*What to work on*
Check each line of the material below for "drawing" and copy those where it appears.

*Extracted data*

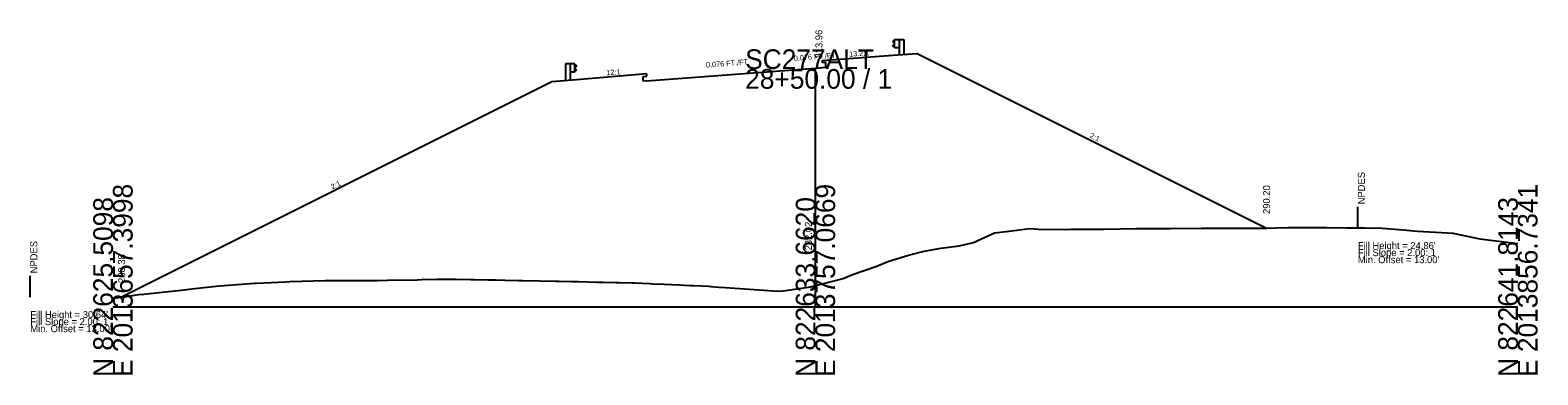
# Model space of a CAD drawing. Extents: x 205929 to 2357175, y -1785700 to 827636.
# Drawn here: x 2017408.4 to 2017623, y 826534.6 to 826583.6 of the extents above; entities that cross this region are included whole.
import ezdxf

# ---------------------------------------------------------------- set-up
doc = ezdxf.new("R2010")
doc.units = 0
for name, color, linetype in [('RD_GPK_XS_Cell', 7, 'Continuous'), ('RD_XS_Base', 7, 'Continuous'), ('RD_XS_EarthShd', 7, 'Continuous'), ('RD_XS_ExGround', 7, 'Continuous'), ('RD_XS_GR', 7, 'Continuous'), ('RD_XS_NPDES', 7, 'Continuous'), ('RD_XS_Pave', 7, 'Continuous'), ('RD_XS_TieSlope', 7, 'Continuous'), ('RD_XS_TX_Elev_EX', 7, 'Continuous'), ('RD_XS_TX_Elev_PR', 7, 'Continuous'), ('RD_XS_TX_ShdSlope', 7, 'Continuous'), ('RD_XS_TX_Slope', 7, 'Continuous'), ('RD_XS_TX_Warning', 7, 'Continuous')]:
    doc.layers.add(name, color=color, linetype=linetype)

msp = doc.modelspace()

# ---------------------------------------------------------------- linework, layer by layer
at = {"layer": 'RD_GPK_XS_Cell'}
for p, q in [((2017520.17, 826544.26), (2017520.17, 826578.09)), ((2017420.17, 826544.26), (2017520.17, 826544.26)), ((2017520.17, 826544.26), (2017620.17, 826544.26))]:
    msp.add_line(p, q, dxfattribs=at)
at = {"layer": 'RD_XS_Base'}
for p, q in [((2017496.17, 826576.4), (2017520.17, 826578.22)), ((2017520.17, 826578.22), (2017521.17, 826578.3))]:
    msp.add_line(p, q, dxfattribs=at)
at = {"layer": 'RD_XS_EarthShd'}
for p, q in [((2017521.17, 826579.3), (2017531.17, 826580.06)), ((2017531.17, 826580.06), (2017534.67, 826580.32)), ((2017496.17, 826577.4), (2017486.17, 826576.57)), ((2017486.17, 826576.57), (2017482.67, 826576.28))]:
    msp.add_line(p, q, dxfattribs=at)
at = {"layer": 'RD_XS_ExGround'}
msp.add_lwpolyline([(2017420.17, 826545.51), (2017420.29, 826545.5), (2017422.14, 826545.73), (2017423.25, 826545.89), (2017423.87, 826546), (2017424.55, 826546.06), (2017426.74, 826546.29), (2017430.29, 826546.68), (2017431.38, 826546.8), (2017435.3, 826547.23), (2017436.01, 826547.29), (2017440.32, 826547.6), (2017440.65, 826547.62), (2017444.71, 826547.81), (2017445.39, 826547.84), (2017450.35, 826547.97), (2017450.86, 826547.99), (2017455.37, 826548), (2017457.08, 826548), (2017457.8, 826548.01), (2017459.23, 826548.03), (2017463.48, 826548.11), (2017464.09, 826548.12), (2017466.28, 826548.16), (2017468.23, 826548.18), (2017468.62, 826548.19), (2017469.05, 826548.19), (2017471.08, 826548.15), (2017471.62, 826548.14), (2017473.55, 826548.09), (2017474.74, 826548.07), (2017476.02, 826548.04), (2017477.87, 826548.01), (2017478.5, 826548), (2017480.91, 826547.95), (2017483.22, 826547.9), (2017483.69, 826547.89), (2017485.46, 826547.85), (2017486.39, 826547.83), (2017487.72, 826547.8), (2017489.09, 826547.77), (2017489.94, 826547.76), (2017491.8, 826547.71), (2017492.2, 826547.7), (2017494.15, 826547.66), (2017494.48, 826547.64), (2017496.54, 826547.55), (2017497.09, 826547.53), (2017498.64, 826547.46), (2017499.69, 826547.41), (2017500.76, 826547.36), (2017502.29, 826547.3), (2017502.86, 826547.27), (2017504.97, 826547.17), (2017505.32, 826547.15), (2017506.4, 826547.05), (2017507.35, 826546.98), (2017508.05, 826546.94), (2017514.85, 826546.48), (2017515.57, 826546.5), (2017519.49, 826547.09), (2017520.17, 826547.27), (2017520.59, 826547.39), (2017524.12, 826548.27), (2017525.6, 826548.88), (2017528.76, 826549.99), (2017530.62, 826550.72), (2017533.4, 826551.6), (2017535.64, 826552.15), (2017538.04, 826552.6), (2017540.65, 826552.94), (2017542.67, 826553.38), (2017545.67, 826554.77), (2017547.31, 826554.98), (2017550.69, 826555.38), (2017551.95, 826555.3), (2017555.7, 826555.27), (2017556.59, 826555.28), (2017560.72, 826555.32), (2017561.22, 826555.32), (2017565.86, 826555.37), (2017567.37, 826555.38), (2017570.75, 826555.41), (2017575.14, 826555.42), (2017575.77, 826555.43), (2017579.77, 826555.43), (2017580.79, 826555.45), (2017584.41, 826555.46), (2017585.8, 826555.49), (2017587.45, 826555.52), (2017590.82, 826555.53), (2017592.91, 826555.53), (2017595.84, 826555.47), (2017598.37, 826555.47), (2017600.85, 826555.44), (2017603.84, 826555.19), (2017605.87, 826555), (2017609.3, 826554.84), (2017610.89, 826554.74), (2017614.76, 826553.9), (2017615.9, 826553.8), (2017620.17, 826553.26)], dxfattribs=at)
at = {"layer": 'RD_XS_GR'}
for p, q in [((2017531.44, 826582.23), (2017531.17, 826582.03)), ((2017531.17, 826582.03), (2017531.17, 826581.98)), ((2017531.17, 826581.98), (2017531.44, 826581.78)), ((2017531.17, 826581.46), (2017531.44, 826581.66)), ((2017531.17, 826581.41), (2017531.17, 826581.46)), ((2017531.44, 826581.14), (2017531.44, 826582.31)), ((2017531.44, 826582.31), (2017532.11, 826582.31)), ((2017532.11, 826582.31), (2017532.11, 826580.13)), ((2017532.11, 826582.31), (2017532.78, 826582.31)), ((2017532.78, 826582.31), (2017532.78, 826580.18)), ((2017531.44, 826581.21), (2017531.17, 826581.41)), ((2017531.44, 826581.14), (2017532.11, 826581.14)), ((2017484.57, 826578.82), (2017484.57, 826576.44)), ((2017485.24, 826578.82), (2017484.57, 826578.82)), ((2017485.24, 826578.82), (2017485.24, 826576.49)), ((2017485.9, 826578.82), (2017485.24, 826578.82)), ((2017485.9, 826577.65), (2017485.24, 826577.65)), ((2017485.9, 826577.65), (2017485.9, 826578.82)), ((2017485.9, 826578.75), (2017486.17, 826578.55)), ((2017486.17, 826578.5), (2017485.9, 826578.3)), ((2017486.17, 826577.97), (2017485.9, 826578.17)), ((2017485.9, 826577.72), (2017486.17, 826577.92)), ((2017486.17, 826578.55), (2017486.17, 826578.5)), ((2017486.17, 826577.92), (2017486.17, 826577.97))]:
    msp.add_line(p, q, dxfattribs=at)
at = {"layer": 'RD_XS_NPDES'}
for p, q in [((2017597.39, 826555.46), (2017597.39, 826558.46)), ((2017408.4, 826545.64), (2017408.4, 826548.64))]:
    msp.add_line(p, q, dxfattribs=at)
at = {"layer": 'RD_XS_Pave'}
for p, q in [((2017496.17, 826577.07), (2017496.17, 826577.4)), ((2017521.17, 826578.97), (2017521.17, 826579.3)), ((2017521.67, 826579.01), (2017521.17, 826578.97)), ((2017521.17, 826578.3), (2017521.67, 826578.34)), ((2017521.67, 826578.34), (2017521.67, 826579.01)), ((2017495.67, 826577.03), (2017496.17, 826577.07)), ((2017495.67, 826576.36), (2017495.67, 826577.03)), ((2017496.17, 826576.4), (2017495.67, 826576.36))]:
    msp.add_line(p, q, dxfattribs=at)
at = {"layer": 'RD_XS_TieSlope'}
for p, q in [((2017534.67, 826580.32), (2017584.39, 826555.46)), ((2017482.67, 826576.28), (2017421.4, 826545.64))]:
    msp.add_line(p, q, dxfattribs=at)

# ---------------------------------------------------------------- texts
at = {"layer": 'RD_GPK_XS_Cell'}
for s, p in [('SC277ALT', (2017510.17, 826578.09)), ('28+50.00 / 1', (2017510.17, 826575.29))]:
    msp.add_text(s, height=2.8, dxfattribs=at).set_placement(p)
for s, p in [('E 2013657.3998', (2017422.97, 826534.26)), ('E 2013757.0669', (2017522.97, 826534.26)), ('E 2013856.7341', (2017622.97, 826534.26)), ('N 822625.5098', (2017420.17, 826534.26)), ('N 822633.6620', (2017520.17, 826534.26)), ('N 822641.8143', (2017620.17, 826534.26))]:
    msp.add_text(s, height=2.8, rotation=90, dxfattribs=at).set_placement(p)
at = {"layer": 'RD_XS_TX_Elev_EX'}
msp.add_text('282.02', height=1, rotation=90, dxfattribs=at).set_placement((2017519.67, 826552.27))
at = {"layer": 'RD_XS_TX_Elev_PR'}
for s, p in [(' 313.96', (2017521.17, 826579.22)), ('290.20', (2017584.89, 826557.46)), ('280.38', (2017421.9, 826547.64))]:
    msp.add_text(s, height=1, rotation=90, dxfattribs=at).set_placement(p)
at = {"layer": 'RD_XS_TX_ShdSlope'}
for s, rotation, p in [('13.2:1', 4.3347, (2017525, 826579.84)), ('12:1', 4.7636, (2017490.44, 826577.18))]:
    msp.add_text(s, height=0.75, rotation=rotation, dxfattribs=at).set_placement(p)
at = {"layer": 'RD_XS_TX_Slope'}
for s, rotation, p in [('0.076 FT./FT.', 4.3347, (2017504.62, 826578.29)), ('0.076 FT./FT.', 4.3347, (2017517.12, 826579.24)), ('2:1', 333.4349, (2017559.14, 826568.37)), ('2:1', 26.5651, (2017451.42, 826560.93))]:
    msp.add_text(s, height=0.75, rotation=rotation, dxfattribs=at).set_placement(p)
at = {"layer": 'RD_XS_TX_Warning'}
for p in [(2017598.39, 826558.46), (2017409.4, 826548.64)]:
    msp.add_text(' NPDES', height=1, rotation=90, dxfattribs=at).set_placement(p)
for s, p in [("Fill Height = 24.86' ", (2017597.39, 826552.46)), ('Fill Slope = 2.00: 1', (2017597.39, 826551.46)), ("Min. Offset = 13.00' ", (2017597.39, 826550.46)), ("Fill Height = 30.64' ", (2017408.4, 826542.64)), ('Fill Slope = 2.00: 1', (2017408.4, 826541.64)), ("Min. Offset = 13.00' ", (2017408.4, 826540.64))]:
    msp.add_text(s, height=1, dxfattribs=at).set_placement(p)

doc.saveas('drawing.dxf')

*Task result*
# Model space of a CAD drawing. Extents: x 205929 to 2357175, y -1785700 to 827636.
doc.saveas('drawing.dxf')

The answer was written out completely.